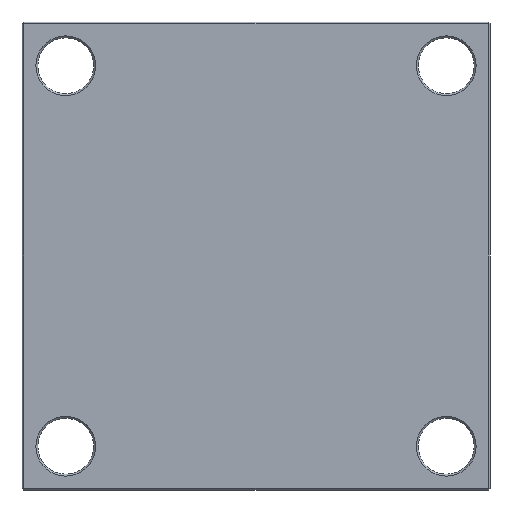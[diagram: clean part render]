
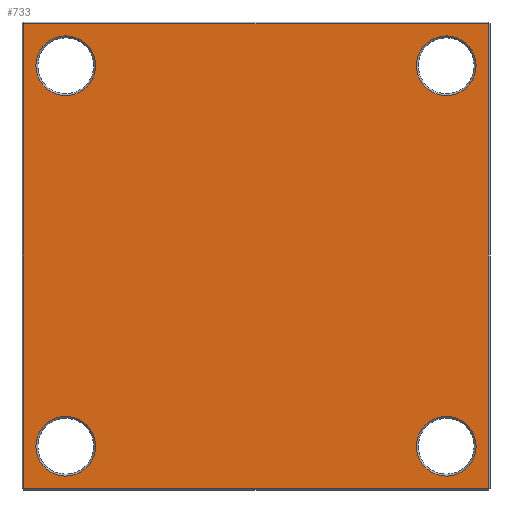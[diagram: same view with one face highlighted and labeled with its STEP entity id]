
A CAD part, front view. The second image highlights one B-rep face of the part: STEP entity #733.
In plain terms, the highlighted planar face has unit normal (0, -1, 0).
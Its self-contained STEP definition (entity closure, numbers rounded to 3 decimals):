
#52 = CARTESIAN_POINT ( 'NONE',  ( -122., 0., 0. ) ) ;
#59 = AXIS2_PLACEMENT_3D ( 'NONE', #207, #230, #882 ) ;
#95 = EDGE_CURVE ( 'NONE', #1575, #518, #1698, .T. ) ;
#133 = EDGE_CURVE ( 'NONE', #639, #1092, #1748, .T. ) ;
#158 = EDGE_CURVE ( 'NONE', #518, #1575, #783, .T. ) ;
#177 = CIRCLE ( 'NONE', #1076, 15.7 ) ;
#181 = CARTESIAN_POINT ( 'NONE',  ( 100., 0., 100. ) ) ;
#197 = VERTEX_POINT ( 'NONE', #1627 ) ;
#207 = CARTESIAN_POINT ( 'NONE',  ( -100., 0., -100. ) ) ;
#228 = EDGE_CURVE ( 'NONE', #415, #1605, #304, .T. ) ;
#230 = DIRECTION ( 'NONE',  ( 0., 1., 0. ) ) ;
#240 = CARTESIAN_POINT ( 'NONE',  ( -100., 0., 84.3 ) ) ;
#246 = ORIENTED_EDGE ( 'NONE', *, *, #95, .T. ) ;
#259 = CIRCLE ( 'NONE', #530, 15.7 ) ;
#290 = ORIENTED_EDGE ( 'NONE', *, *, #1215, .T. ) ;
#300 = CARTESIAN_POINT ( 'NONE',  ( -100., 0., -84.3 ) ) ;
#304 = CIRCLE ( 'NONE', #1700, 15.7 ) ;
#316 = VERTEX_POINT ( 'NONE', #300 ) ;
#331 = CARTESIAN_POINT ( 'NONE',  ( 100., 0., 115.7 ) ) ;
#345 = CARTESIAN_POINT ( 'NONE',  ( 100., 0., 84.3 ) ) ;
#369 = CARTESIAN_POINT ( 'NONE',  ( 100., 0., -84.3 ) ) ;
#372 = ORIENTED_EDGE ( 'NONE', *, *, #133, .T. ) ;
#415 = VERTEX_POINT ( 'NONE', #345 ) ;
#427 = CARTESIAN_POINT ( 'NONE',  ( 122., 0., 0. ) ) ;
#439 = ORIENTED_EDGE ( 'NONE', *, *, #228, .T. ) ;
#456 = EDGE_CURVE ( 'NONE', #197, #316, #1098, .T. ) ;
#472 = ORIENTED_EDGE ( 'NONE', *, *, #1055, .T. ) ;
#482 = FACE_OUTER_BOUND ( 'NONE', #1474, .T. ) ;
#487 = CIRCLE ( 'NONE', #1393, 15.7 ) ;
#518 = VERTEX_POINT ( 'NONE', #712 ) ;
#530 = AXIS2_PLACEMENT_3D ( 'NONE', #1054, #1060, #1162 ) ;
#533 = FACE_BOUND ( 'NONE', #1830, .T. ) ;
#566 = ORIENTED_EDGE ( 'NONE', *, *, #959, .T. ) ;
#608 = DIRECTION ( 'NONE',  ( 1., 0., 0. ) ) ;
#613 = EDGE_CURVE ( 'NONE', #2172, #1757, #1665, .T. ) ;
#618 = ORIENTED_EDGE ( 'NONE', *, *, #1128, .T. ) ;
#639 = VERTEX_POINT ( 'NONE', #787 ) ;
#712 = CARTESIAN_POINT ( 'NONE',  ( -100., 0., 115.7 ) ) ;
#722 = CARTESIAN_POINT ( 'NONE',  ( -100., 0., 100. ) ) ;
#733 = ADVANCED_FACE ( 'NONE', ( #1332, #928, #1793, #533, #482 ), #1280, .F. ) ;
#737 = DIRECTION ( 'NONE',  ( 0., 0., -1. ) ) ;
#740 = EDGE_CURVE ( 'NONE', #1193, #2172, #1286, .T. ) ;
#743 = DIRECTION ( 'NONE',  ( 0., 1., 0. ) ) ;
#755 = DIRECTION ( 'NONE',  ( 0., 0., 1. ) ) ;
#757 = CARTESIAN_POINT ( 'NONE',  ( -100., 0., -100. ) ) ;
#767 = DIRECTION ( 'NONE',  ( 0., 1., 0. ) ) ;
#783 = CIRCLE ( 'NONE', #1254, 15.7 ) ;
#787 = CARTESIAN_POINT ( 'NONE',  ( 100., 0., -115.7 ) ) ;
#832 = EDGE_LOOP ( 'NONE', ( #837, #618 ) ) ;
#834 = AXIS2_PLACEMENT_3D ( 'NONE', #722, #743, #755 ) ;
#837 = ORIENTED_EDGE ( 'NONE', *, *, #456, .T. ) ;
#872 = EDGE_LOOP ( 'NONE', ( #372, #566 ) ) ;
#882 = DIRECTION ( 'NONE',  ( 0., 0., 1. ) ) ;
#911 = DIRECTION ( 'NONE',  ( 0., 0., 1. ) ) ;
#926 = ORIENTED_EDGE ( 'NONE', *, *, #1194, .T. ) ;
#928 = FACE_BOUND ( 'NONE', #872, .T. ) ;
#929 = CARTESIAN_POINT ( 'NONE',  ( 122., 0., -122. ) ) ;
#941 = CARTESIAN_POINT ( 'NONE',  ( 0., 0., -122. ) ) ;
#959 = EDGE_CURVE ( 'NONE', #1092, #639, #259, .T. ) ;
#1046 = DIRECTION ( 'NONE',  ( 0., 1., 0. ) ) ;
#1047 = AXIS2_PLACEMENT_3D ( 'NONE', #1436, #1946, #1932 ) ;
#1054 = CARTESIAN_POINT ( 'NONE',  ( 100., 0., -100. ) ) ;
#1055 = EDGE_CURVE ( 'NONE', #1605, #415, #177, .T. ) ;
#1060 = DIRECTION ( 'NONE',  ( 0., 1., 0. ) ) ;
#1076 = AXIS2_PLACEMENT_3D ( 'NONE', #181, #1046, #1190 ) ;
#1092 = VERTEX_POINT ( 'NONE', #369 ) ;
#1098 = CIRCLE ( 'NONE', #59, 15.7 ) ;
#1106 = VERTEX_POINT ( 'NONE', #2050 ) ;
#1128 = EDGE_CURVE ( 'NONE', #316, #197, #487, .T. ) ;
#1145 = AXIS2_PLACEMENT_3D ( 'NONE', #1464, #1466, #1471 ) ;
#1162 = DIRECTION ( 'NONE',  ( 0., 0., 1. ) ) ;
#1188 = VECTOR ( 'NONE', #1721, 1000. ) ;
#1190 = DIRECTION ( 'NONE',  ( 0., 0., 1. ) ) ;
#1193 = VERTEX_POINT ( 'NONE', #1577 ) ;
#1194 = EDGE_CURVE ( 'NONE', #1757, #1106, #1648, .T. ) ;
#1215 = EDGE_CURVE ( 'NONE', #1106, #1193, #2026, .T. ) ;
#1254 = AXIS2_PLACEMENT_3D ( 'NONE', #1530, #1536, #1543 ) ;
#1280 = PLANE ( 'NONE',  #1047 ) ;
#1286 = LINE ( 'NONE', #941, #2175 ) ;
#1332 = FACE_BOUND ( 'NONE', #832, .T. ) ;
#1377 = CARTESIAN_POINT ( 'NONE',  ( 0., 0., 122. ) ) ;
#1390 = DIRECTION ( 'NONE',  ( 0., 0., 1. ) ) ;
#1393 = AXIS2_PLACEMENT_3D ( 'NONE', #757, #767, #911 ) ;
#1436 = CARTESIAN_POINT ( 'NONE',  ( 0., 0., 0. ) ) ;
#1457 = CARTESIAN_POINT ( 'NONE',  ( 122., 0., 122. ) ) ;
#1464 = CARTESIAN_POINT ( 'NONE',  ( 100., 0., -100. ) ) ;
#1466 = DIRECTION ( 'NONE',  ( 0., 1., 0. ) ) ;
#1471 = DIRECTION ( 'NONE',  ( 0., 0., 1. ) ) ;
#1474 = EDGE_LOOP ( 'NONE', ( #2047, #926, #290, #1965 ) ) ;
#1530 = CARTESIAN_POINT ( 'NONE',  ( -100., 0., 100. ) ) ;
#1536 = DIRECTION ( 'NONE',  ( 0., 1., 0. ) ) ;
#1543 = DIRECTION ( 'NONE',  ( 0., 0., 1. ) ) ;
#1575 = VERTEX_POINT ( 'NONE', #240 ) ;
#1577 = CARTESIAN_POINT ( 'NONE',  ( -122., 0., -122. ) ) ;
#1592 = VECTOR ( 'NONE', #737, 1000. ) ;
#1605 = VERTEX_POINT ( 'NONE', #331 ) ;
#1616 = VECTOR ( 'NONE', #1390, 1000. ) ;
#1627 = CARTESIAN_POINT ( 'NONE',  ( -100., 0., -115.7 ) ) ;
#1648 = LINE ( 'NONE', #1377, #1188 ) ;
#1665 = LINE ( 'NONE', #427, #1616 ) ;
#1698 = CIRCLE ( 'NONE', #834, 15.7 ) ;
#1700 = AXIS2_PLACEMENT_3D ( 'NONE', #1805, #1808, #1822 ) ;
#1721 = DIRECTION ( 'NONE',  ( -1., 0., 0. ) ) ;
#1748 = CIRCLE ( 'NONE', #1145, 15.7 ) ;
#1757 = VERTEX_POINT ( 'NONE', #1457 ) ;
#1793 = FACE_BOUND ( 'NONE', #1916, .T. ) ;
#1805 = CARTESIAN_POINT ( 'NONE',  ( 100., 0., 100. ) ) ;
#1808 = DIRECTION ( 'NONE',  ( 0., 1., 0. ) ) ;
#1822 = DIRECTION ( 'NONE',  ( 0., 0., 1. ) ) ;
#1830 = EDGE_LOOP ( 'NONE', ( #246, #1945 ) ) ;
#1916 = EDGE_LOOP ( 'NONE', ( #439, #472 ) ) ;
#1932 = DIRECTION ( 'NONE',  ( 0., 0., 1. ) ) ;
#1945 = ORIENTED_EDGE ( 'NONE', *, *, #158, .T. ) ;
#1946 = DIRECTION ( 'NONE',  ( 0., 1., 0. ) ) ;
#1965 = ORIENTED_EDGE ( 'NONE', *, *, #740, .T. ) ;
#2026 = LINE ( 'NONE', #52, #1592 ) ;
#2047 = ORIENTED_EDGE ( 'NONE', *, *, #613, .T. ) ;
#2050 = CARTESIAN_POINT ( 'NONE',  ( -122., 0., 122. ) ) ;
#2172 = VERTEX_POINT ( 'NONE', #929 ) ;
#2175 = VECTOR ( 'NONE', #608, 1000. ) ;
.....
Problem statement: Restate the material word for word from its first line through the line containing "#427 = CARTESIAN_POINT", both included; the pictures do not belong in it.

The answer:
[diagram: clean part render]
[diagram: same view with one face highlighted and labeled with its STEP entity id]
A CAD part, front view. The second image highlights one B-rep face of the part: STEP entity #733.
In plain terms, the highlighted planar face has unit normal (0, -1, 0).
Its self-contained STEP definition (entity closure, numbers rounded to 3 decimals):
#52 = CARTESIAN_POINT ( 'NONE',  ( -122., 0., 0. ) ) ;
#59 = AXIS2_PLACEMENT_3D ( 'NONE', #207, #230, #882 ) ;
#95 = EDGE_CURVE ( 'NONE', #1575, #518, #1698, .T. ) ;
#133 = EDGE_CURVE ( 'NONE', #639, #1092, #1748, .T. ) ;
#158 = EDGE_CURVE ( 'NONE', #518, #1575, #783, .T. ) ;
#177 = CIRCLE ( 'NONE', #1076, 15.7 ) ;
#181 = CARTESIAN_POINT ( 'NONE',  ( 100., 0., 100. ) ) ;
#197 = VERTEX_POINT ( 'NONE', #1627 ) ;
#207 = CARTESIAN_POINT ( 'NONE',  ( -100., 0., -100. ) ) ;
#228 = EDGE_CURVE ( 'NONE', #415, #1605, #304, .T. ) ;
#230 = DIRECTION ( 'NONE',  ( 0., 1., 0. ) ) ;
#240 = CARTESIAN_POINT ( 'NONE',  ( -100., 0., 84.3 ) ) ;
#246 = ORIENTED_EDGE ( 'NONE', *, *, #95, .T. ) ;
#259 = CIRCLE ( 'NONE', #530, 15.7 ) ;
#290 = ORIENTED_EDGE ( 'NONE', *, *, #1215, .T. ) ;
#300 = CARTESIAN_POINT ( 'NONE',  ( -100., 0., -84.3 ) ) ;
#304 = CIRCLE ( 'NONE', #1700, 15.7 ) ;
#316 = VERTEX_POINT ( 'NONE', #300 ) ;
#331 = CARTESIAN_POINT ( 'NONE',  ( 100., 0., 115.7 ) ) ;
#345 = CARTESIAN_POINT ( 'NONE',  ( 100., 0., 84.3 ) ) ;
#369 = CARTESIAN_POINT ( 'NONE',  ( 100., 0., -84.3 ) ) ;
#372 = ORIENTED_EDGE ( 'NONE', *, *, #133, .T. ) ;
#415 = VERTEX_POINT ( 'NONE', #345 ) ;
#427 = CARTESIAN_POINT ( 'NONE',  ( 122., 0., 0. ) ) ;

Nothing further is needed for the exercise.